▸ **WORK ITEM**:
Restate word for word the lines below that run from the one holding "Assembly tree (34" through the one holding "#267=EDGE_CURVE('',#219,#217,#99,.T.);", inclusive. Pictures don't belong in the copy.

Items from a dataset
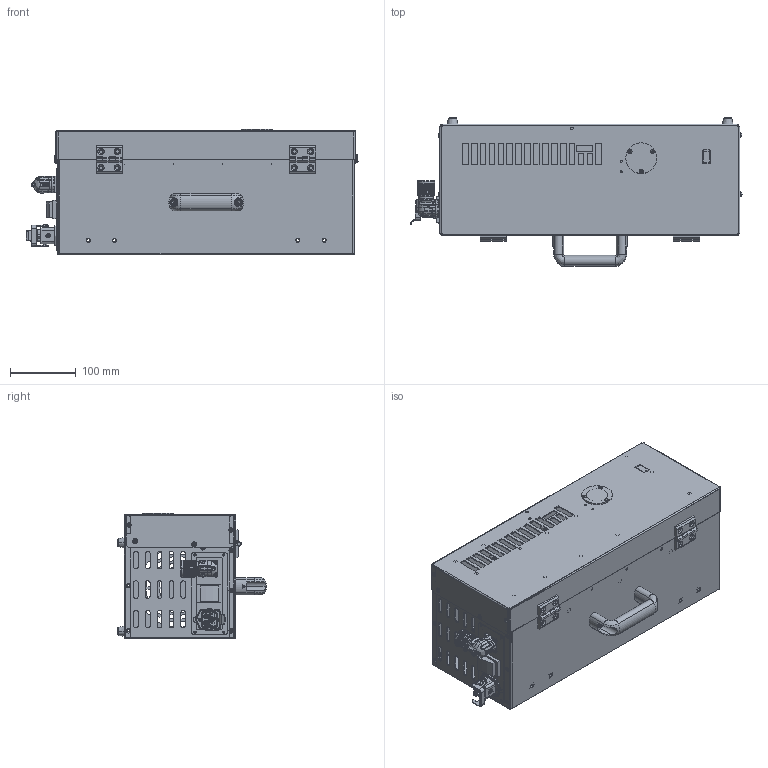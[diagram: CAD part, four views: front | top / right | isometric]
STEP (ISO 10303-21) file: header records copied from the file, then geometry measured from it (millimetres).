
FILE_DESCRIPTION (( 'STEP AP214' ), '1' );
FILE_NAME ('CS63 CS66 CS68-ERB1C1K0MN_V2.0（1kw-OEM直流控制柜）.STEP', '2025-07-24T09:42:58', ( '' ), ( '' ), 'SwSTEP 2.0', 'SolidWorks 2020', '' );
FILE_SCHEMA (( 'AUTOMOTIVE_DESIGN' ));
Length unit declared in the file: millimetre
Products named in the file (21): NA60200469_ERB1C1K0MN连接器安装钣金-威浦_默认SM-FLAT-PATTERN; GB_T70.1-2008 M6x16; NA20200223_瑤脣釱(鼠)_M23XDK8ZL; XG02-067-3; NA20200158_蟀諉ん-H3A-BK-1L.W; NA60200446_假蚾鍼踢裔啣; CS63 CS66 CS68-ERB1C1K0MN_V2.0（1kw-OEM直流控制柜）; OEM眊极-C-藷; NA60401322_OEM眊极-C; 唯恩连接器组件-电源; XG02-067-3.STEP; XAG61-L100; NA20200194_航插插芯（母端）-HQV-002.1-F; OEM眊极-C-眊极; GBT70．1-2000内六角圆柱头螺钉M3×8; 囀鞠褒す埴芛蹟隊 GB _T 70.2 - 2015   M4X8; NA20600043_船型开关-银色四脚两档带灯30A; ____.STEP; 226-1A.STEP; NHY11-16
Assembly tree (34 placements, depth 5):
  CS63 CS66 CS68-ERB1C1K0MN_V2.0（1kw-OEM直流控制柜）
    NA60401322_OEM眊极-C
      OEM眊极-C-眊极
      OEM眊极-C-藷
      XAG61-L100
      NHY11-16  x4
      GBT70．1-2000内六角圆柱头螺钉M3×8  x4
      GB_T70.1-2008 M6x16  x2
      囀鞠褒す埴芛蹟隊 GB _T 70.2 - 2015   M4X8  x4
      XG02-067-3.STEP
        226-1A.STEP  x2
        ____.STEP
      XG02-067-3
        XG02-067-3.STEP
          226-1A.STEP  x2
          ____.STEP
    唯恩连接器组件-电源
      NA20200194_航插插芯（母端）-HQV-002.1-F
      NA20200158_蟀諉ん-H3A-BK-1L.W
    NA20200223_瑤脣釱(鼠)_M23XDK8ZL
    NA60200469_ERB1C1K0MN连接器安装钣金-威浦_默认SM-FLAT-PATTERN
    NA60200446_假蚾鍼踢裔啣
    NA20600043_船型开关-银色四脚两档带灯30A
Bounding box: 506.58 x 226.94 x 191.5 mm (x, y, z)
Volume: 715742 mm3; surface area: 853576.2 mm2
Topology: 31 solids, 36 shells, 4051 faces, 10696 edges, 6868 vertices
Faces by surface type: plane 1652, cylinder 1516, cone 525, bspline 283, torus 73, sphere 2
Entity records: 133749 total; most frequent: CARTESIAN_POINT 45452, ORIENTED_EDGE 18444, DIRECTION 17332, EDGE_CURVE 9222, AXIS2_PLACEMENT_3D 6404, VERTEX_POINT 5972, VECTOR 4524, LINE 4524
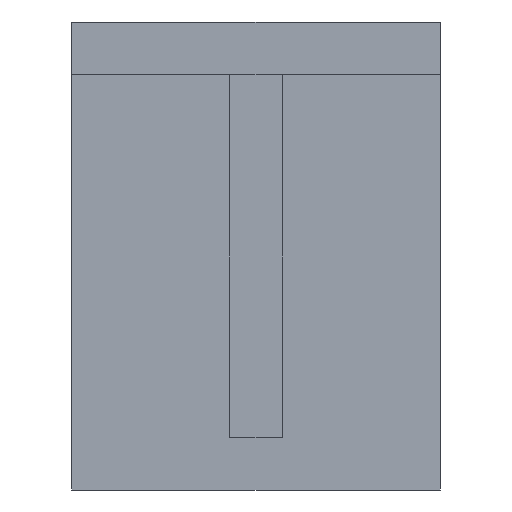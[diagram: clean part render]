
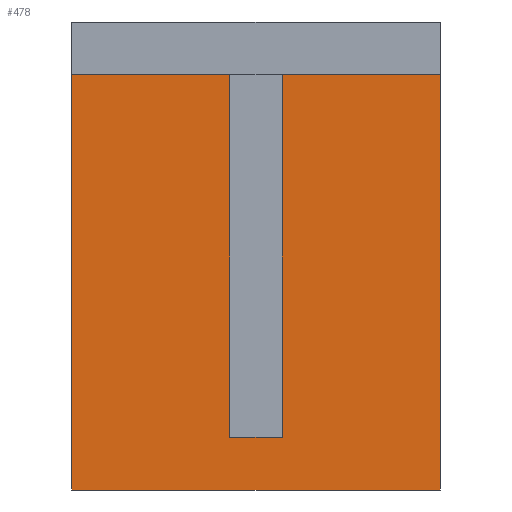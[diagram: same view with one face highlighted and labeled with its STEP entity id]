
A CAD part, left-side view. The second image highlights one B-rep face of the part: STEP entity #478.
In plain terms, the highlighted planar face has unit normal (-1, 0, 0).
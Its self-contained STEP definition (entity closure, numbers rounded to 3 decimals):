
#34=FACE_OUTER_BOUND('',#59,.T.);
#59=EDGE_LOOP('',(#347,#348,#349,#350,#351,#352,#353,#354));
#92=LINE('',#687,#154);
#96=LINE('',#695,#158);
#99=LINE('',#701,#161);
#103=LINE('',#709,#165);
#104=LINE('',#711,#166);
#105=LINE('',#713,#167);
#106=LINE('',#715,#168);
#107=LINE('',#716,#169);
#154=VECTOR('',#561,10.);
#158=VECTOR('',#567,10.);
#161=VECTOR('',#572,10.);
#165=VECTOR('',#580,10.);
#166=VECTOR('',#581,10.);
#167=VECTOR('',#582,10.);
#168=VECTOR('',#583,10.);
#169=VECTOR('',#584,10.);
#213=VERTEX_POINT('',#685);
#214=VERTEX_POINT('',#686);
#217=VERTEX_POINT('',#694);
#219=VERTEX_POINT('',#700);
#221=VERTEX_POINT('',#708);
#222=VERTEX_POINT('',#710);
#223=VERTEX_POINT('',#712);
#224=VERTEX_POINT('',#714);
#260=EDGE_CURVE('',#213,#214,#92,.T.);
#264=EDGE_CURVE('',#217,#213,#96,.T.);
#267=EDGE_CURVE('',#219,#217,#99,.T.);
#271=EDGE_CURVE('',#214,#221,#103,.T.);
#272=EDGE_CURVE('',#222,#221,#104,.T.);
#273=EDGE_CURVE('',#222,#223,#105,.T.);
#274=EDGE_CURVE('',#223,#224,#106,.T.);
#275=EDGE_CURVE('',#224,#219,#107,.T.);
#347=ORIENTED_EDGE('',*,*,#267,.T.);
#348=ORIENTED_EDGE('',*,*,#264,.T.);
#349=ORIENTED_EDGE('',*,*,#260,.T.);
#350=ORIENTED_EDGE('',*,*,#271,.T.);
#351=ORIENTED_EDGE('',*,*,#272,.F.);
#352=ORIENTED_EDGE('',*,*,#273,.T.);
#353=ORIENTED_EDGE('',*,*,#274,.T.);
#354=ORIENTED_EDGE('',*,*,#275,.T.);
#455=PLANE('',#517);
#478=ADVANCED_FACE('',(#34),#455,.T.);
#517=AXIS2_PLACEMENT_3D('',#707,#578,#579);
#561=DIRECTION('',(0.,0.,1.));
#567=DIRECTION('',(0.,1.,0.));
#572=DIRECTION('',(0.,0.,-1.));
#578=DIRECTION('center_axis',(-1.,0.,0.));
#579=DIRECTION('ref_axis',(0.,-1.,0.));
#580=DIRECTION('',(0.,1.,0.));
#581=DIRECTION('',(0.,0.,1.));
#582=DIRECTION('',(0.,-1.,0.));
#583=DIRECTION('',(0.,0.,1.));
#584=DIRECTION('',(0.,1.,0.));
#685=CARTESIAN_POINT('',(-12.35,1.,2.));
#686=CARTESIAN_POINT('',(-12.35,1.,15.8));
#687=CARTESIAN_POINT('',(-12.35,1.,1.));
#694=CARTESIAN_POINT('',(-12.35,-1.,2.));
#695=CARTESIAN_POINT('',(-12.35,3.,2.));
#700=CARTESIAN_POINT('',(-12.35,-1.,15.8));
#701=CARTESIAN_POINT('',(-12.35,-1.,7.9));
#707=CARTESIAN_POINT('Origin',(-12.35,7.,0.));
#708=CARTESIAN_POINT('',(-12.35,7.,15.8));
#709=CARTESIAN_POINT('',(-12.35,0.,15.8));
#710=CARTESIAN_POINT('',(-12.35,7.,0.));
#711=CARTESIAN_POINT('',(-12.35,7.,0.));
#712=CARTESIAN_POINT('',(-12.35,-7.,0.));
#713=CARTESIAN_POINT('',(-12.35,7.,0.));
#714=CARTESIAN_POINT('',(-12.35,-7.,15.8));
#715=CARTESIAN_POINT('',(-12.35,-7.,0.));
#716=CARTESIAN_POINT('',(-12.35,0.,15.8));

▸ **EXERCISE ANSWER**:
Assembly tree (34 placements, depth 5):
  CS63 CS66 CS68-ERB1C1K0MN_V2.0（1kw-OEM直流控制柜）
    NA60401322_OEM眊极-C
      OEM眊极-C-眊极
      OEM眊极-C-藷
      XAG61-L100
      NHY11-16  x4
      GBT70．1-2000内六角圆柱头螺钉M3×8  x4
      GB_T70.1-2008 M6x16  x2
      囀鞠褒す埴芛蹟隊 GB _T 70.2 - 2015   M4X8  x4
      XG02-067-3.STEP
        226-1A.STEP  x2
        ____.STEP
      XG02-067-3
        XG02-067-3.STEP
          226-1A.STEP  x2
          ____.STEP
    唯恩连接器组件-电源
      NA20200194_航插插芯（母端）-HQV-002.1-F
      NA20200158_蟀諉ん-H3A-BK-1L.W
    NA20200223_瑤脣釱(鼠)_M23XDK8ZL
    NA60200469_ERB1C1K0MN连接器安装钣金-威浦_默认SM-FLAT-PATTERN
    NA60200446_假蚾鍼踢裔啣
    NA20600043_船型开关-银色四脚两档带灯30A
Bounding box: 506.58 x 226.94 x 191.5 mm (x, y, z)
Volume: 715742 mm3; surface area: 853576.2 mm2
Topology: 31 solids, 36 shells, 4051 faces, 10696 edges, 6868 vertices
Faces by surface type: plane 1652, cylinder 1516, cone 525, bspline 283, torus 73, sphere 2
Entity records: 133749 total; most frequent: CARTESIAN_POINT 45452, ORIENTED_EDGE 18444, DIRECTION 17332, EDGE_CURVE 9222, AXIS2_PLACEMENT_3D 6404, VERTEX_POINT 5972, VECTOR 4524, LINE 4524
[diagram: clean part render]
[diagram: same view with one face highlighted and labeled with its STEP entity id]
A CAD part, left-side view. The second image highlights one B-rep face of the part: STEP entity #478.
In plain terms, the highlighted planar face has unit normal (-1, 0, 0).
Its self-contained STEP definition (entity closure, numbers rounded to 3 decimals):
#34=FACE_OUTER_BOUND('',#59,.T.);
#59=EDGE_LOOP('',(#347,#348,#349,#350,#351,#352,#353,#354));
#92=LINE('',#687,#154);
#96=LINE('',#695,#158);
#99=LINE('',#701,#161);
#103=LINE('',#709,#165);
#104=LINE('',#711,#166);
#105=LINE('',#713,#167);
#106=LINE('',#715,#168);
#107=LINE('',#716,#169);
#154=VECTOR('',#561,10.);
#158=VECTOR('',#567,10.);
#161=VECTOR('',#572,10.);
#165=VECTOR('',#580,10.);
#166=VECTOR('',#581,10.);
#167=VECTOR('',#582,10.);
#168=VECTOR('',#583,10.);
#169=VECTOR('',#584,10.);
#213=VERTEX_POINT('',#685);
#214=VERTEX_POINT('',#686);
#217=VERTEX_POINT('',#694);
#219=VERTEX_POINT('',#700);
#221=VERTEX_POINT('',#708);
#222=VERTEX_POINT('',#710);
#223=VERTEX_POINT('',#712);
#224=VERTEX_POINT('',#714);
#260=EDGE_CURVE('',#213,#214,#92,.T.);
#264=EDGE_CURVE('',#217,#213,#96,.T.);
#267=EDGE_CURVE('',#219,#217,#99,.T.);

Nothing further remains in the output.